Spice‼︎
梨花は茉美に何を言われるのか緊張して
胃がじりじりと痛む。

しかし茉美は予想外に梨花の復帰を喜んでくれた。

「良かった。
辞めちゃったらどうしようかと思ってた。

私のせいでこんなことになっちゃってごめんなさい。」

「茉美ちゃん…こっちこそごめんね。」

茉美は首を横に振り、笑顔で梨花の手を握った。

「ホントにどうしようかって思ってました。

結局、風間さんは私でも梨花さんでも無かったんですね。

金持ちのお嬢様と婚約なんて…酷いですよね!
それだったら付き合うとか言うなっつーの!」

「茉美ちゃん、本当はザマアミロって思ったでしょ?」

茉美は舌を出して

「ちょっとですけどね。」

と笑ってみせた。

茉美と仲直り出来た事で梨花の気持ちはすこし軽くなった。

そしてその夜、桐原から連絡があった。

この前のホテルに来られるか?

「この前のホテルってあのビジネスホテル?」

「あぁ。

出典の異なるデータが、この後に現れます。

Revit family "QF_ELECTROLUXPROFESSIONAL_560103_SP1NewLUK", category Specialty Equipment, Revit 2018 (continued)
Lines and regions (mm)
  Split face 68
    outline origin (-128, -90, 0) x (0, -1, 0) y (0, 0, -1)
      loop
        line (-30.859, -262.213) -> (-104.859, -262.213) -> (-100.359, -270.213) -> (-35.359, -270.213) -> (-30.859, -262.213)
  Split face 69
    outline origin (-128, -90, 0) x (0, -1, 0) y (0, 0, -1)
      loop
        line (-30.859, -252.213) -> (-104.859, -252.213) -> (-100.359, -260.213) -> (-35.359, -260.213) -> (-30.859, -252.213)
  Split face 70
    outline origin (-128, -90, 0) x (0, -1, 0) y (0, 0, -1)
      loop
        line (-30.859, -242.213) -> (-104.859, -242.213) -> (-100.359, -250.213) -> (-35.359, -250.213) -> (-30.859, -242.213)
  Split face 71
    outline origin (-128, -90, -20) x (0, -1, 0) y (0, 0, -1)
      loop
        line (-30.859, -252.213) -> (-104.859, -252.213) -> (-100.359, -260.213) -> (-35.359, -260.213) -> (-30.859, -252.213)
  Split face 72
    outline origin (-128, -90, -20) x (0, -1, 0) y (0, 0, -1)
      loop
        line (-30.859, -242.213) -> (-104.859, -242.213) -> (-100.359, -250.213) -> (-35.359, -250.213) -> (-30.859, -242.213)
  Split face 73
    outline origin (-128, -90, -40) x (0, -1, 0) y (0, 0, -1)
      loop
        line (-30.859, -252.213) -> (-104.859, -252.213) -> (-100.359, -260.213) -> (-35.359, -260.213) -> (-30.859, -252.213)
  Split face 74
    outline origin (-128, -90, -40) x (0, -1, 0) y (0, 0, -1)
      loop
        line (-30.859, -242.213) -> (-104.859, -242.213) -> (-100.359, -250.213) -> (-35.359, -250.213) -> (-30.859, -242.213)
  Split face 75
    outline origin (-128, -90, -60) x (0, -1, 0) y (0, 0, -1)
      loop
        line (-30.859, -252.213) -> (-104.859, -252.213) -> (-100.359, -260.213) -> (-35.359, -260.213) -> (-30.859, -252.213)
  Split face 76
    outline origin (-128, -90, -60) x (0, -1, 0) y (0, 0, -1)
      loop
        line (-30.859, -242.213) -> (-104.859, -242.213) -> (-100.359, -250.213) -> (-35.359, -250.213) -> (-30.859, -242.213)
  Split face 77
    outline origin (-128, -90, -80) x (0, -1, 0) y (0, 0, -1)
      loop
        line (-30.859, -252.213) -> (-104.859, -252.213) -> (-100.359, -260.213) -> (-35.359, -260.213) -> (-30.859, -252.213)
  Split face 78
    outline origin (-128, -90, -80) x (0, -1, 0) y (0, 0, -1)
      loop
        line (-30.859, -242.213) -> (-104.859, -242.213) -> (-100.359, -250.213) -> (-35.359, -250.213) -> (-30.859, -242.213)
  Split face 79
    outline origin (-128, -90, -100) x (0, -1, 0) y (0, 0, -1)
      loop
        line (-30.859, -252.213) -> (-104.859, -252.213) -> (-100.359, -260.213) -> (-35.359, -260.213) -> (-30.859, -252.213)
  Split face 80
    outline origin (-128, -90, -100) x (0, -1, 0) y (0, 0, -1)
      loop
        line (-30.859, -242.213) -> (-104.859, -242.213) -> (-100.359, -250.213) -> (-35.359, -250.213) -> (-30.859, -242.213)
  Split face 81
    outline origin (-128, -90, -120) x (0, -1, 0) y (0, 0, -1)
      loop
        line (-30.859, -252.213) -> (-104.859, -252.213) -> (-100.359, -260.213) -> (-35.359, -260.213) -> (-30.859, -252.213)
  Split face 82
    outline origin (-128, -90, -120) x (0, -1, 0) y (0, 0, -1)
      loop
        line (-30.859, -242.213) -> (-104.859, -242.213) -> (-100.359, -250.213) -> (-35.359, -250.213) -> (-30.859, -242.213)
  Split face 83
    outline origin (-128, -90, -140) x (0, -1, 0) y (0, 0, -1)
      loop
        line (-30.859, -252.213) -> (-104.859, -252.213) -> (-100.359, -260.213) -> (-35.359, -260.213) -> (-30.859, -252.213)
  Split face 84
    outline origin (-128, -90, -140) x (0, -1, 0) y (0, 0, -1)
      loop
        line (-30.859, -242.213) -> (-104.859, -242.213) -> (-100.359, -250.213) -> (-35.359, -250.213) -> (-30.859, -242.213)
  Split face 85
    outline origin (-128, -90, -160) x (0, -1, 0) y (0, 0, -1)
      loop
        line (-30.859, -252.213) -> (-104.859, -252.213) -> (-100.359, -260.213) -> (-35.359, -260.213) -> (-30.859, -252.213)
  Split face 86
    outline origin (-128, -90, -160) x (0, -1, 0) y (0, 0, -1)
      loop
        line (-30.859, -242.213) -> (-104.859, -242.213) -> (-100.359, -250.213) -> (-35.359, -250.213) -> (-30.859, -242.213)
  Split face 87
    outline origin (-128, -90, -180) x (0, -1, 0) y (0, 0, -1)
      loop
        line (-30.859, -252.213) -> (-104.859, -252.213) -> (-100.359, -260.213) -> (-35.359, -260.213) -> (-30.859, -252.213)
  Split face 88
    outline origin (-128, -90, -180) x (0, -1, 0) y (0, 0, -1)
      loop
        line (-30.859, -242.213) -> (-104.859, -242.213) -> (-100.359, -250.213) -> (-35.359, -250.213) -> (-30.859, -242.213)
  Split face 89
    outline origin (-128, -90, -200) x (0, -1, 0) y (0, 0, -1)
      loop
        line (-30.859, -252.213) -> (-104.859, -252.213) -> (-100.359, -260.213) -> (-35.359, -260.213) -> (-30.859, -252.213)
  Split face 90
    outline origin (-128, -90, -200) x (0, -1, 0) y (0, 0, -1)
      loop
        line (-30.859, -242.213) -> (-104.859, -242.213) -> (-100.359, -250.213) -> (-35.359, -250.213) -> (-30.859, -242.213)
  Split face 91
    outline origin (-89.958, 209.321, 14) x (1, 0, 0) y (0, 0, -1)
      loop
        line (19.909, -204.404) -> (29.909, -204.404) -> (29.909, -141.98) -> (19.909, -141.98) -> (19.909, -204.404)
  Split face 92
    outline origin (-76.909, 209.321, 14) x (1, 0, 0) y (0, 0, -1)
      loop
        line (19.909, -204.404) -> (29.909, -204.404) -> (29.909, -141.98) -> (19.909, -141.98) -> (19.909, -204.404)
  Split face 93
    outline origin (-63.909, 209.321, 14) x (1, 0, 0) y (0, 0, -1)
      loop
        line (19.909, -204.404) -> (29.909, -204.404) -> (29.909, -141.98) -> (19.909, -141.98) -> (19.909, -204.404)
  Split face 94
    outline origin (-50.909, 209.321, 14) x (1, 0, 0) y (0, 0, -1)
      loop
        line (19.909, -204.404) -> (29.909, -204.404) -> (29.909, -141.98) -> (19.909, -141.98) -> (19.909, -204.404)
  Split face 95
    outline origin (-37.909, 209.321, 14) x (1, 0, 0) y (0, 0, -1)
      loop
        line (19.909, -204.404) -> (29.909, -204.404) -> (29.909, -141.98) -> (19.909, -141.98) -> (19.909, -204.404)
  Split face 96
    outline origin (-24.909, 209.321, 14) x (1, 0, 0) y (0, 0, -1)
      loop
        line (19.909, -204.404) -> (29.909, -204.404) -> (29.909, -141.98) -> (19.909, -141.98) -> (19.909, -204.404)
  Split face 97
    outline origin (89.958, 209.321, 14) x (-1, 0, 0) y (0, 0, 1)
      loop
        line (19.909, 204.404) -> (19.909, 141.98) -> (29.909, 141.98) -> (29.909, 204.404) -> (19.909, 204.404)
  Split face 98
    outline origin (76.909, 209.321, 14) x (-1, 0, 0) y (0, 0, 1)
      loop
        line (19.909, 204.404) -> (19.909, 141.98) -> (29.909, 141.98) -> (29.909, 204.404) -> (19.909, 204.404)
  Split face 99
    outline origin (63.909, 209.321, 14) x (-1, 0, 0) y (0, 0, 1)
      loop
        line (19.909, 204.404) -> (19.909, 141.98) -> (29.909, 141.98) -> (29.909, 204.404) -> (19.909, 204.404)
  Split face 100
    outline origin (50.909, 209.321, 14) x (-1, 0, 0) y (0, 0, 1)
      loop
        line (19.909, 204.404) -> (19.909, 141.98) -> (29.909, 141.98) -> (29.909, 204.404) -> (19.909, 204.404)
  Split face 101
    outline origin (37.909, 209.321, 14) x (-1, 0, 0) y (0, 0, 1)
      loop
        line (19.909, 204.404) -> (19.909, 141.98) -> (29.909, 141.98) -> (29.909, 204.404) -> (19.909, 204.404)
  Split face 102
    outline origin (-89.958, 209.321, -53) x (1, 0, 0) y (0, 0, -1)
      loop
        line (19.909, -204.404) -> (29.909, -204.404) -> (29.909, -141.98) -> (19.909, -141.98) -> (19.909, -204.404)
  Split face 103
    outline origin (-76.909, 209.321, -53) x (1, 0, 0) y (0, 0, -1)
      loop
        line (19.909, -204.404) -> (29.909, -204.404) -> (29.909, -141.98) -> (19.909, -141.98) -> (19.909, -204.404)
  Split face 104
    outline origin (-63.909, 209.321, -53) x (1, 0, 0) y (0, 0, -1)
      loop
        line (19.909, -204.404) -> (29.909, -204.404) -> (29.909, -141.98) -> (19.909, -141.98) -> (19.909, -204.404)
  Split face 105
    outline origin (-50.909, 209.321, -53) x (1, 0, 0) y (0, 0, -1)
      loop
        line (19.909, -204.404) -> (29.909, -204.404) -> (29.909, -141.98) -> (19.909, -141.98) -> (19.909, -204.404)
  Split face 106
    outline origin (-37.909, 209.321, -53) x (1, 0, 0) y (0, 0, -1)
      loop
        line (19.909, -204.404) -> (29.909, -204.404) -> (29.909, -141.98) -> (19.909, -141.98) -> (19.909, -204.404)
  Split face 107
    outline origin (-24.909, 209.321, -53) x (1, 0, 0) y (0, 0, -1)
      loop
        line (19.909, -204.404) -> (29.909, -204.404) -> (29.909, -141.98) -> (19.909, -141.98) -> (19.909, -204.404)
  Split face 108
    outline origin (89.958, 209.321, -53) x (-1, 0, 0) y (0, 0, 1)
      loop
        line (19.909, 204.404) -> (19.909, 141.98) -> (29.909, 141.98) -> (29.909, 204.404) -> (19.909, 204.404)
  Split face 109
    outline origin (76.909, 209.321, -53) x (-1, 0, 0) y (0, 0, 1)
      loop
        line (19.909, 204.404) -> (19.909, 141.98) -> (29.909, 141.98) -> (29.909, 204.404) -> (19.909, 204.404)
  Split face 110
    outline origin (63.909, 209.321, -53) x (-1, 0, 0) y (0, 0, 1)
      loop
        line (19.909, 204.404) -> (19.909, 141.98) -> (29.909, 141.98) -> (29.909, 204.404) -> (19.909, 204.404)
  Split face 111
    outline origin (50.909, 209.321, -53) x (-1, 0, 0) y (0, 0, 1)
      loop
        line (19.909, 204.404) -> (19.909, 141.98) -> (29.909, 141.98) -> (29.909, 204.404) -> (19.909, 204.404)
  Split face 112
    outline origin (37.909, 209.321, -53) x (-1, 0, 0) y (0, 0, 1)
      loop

」

「わかりました。」

梨花は下着を着替えて地下鉄に乗って
電車を乗り継いであのホテルまで来た。

ホテルの前で桐原に電話してみる。

「着いたか?506号室だ。」

エレベーターを上がって506号室のドアをノックした。

「入って。」

桐原が梨花の腕を掴み部屋の中に入れる。

梨花が部屋の中に入ると窓際にもう一人男が立っていた。

「え?誰?」

「梨花さん。」

なんと部屋には風間も居て、
梨花は状況がうまく飲み込めずにいた。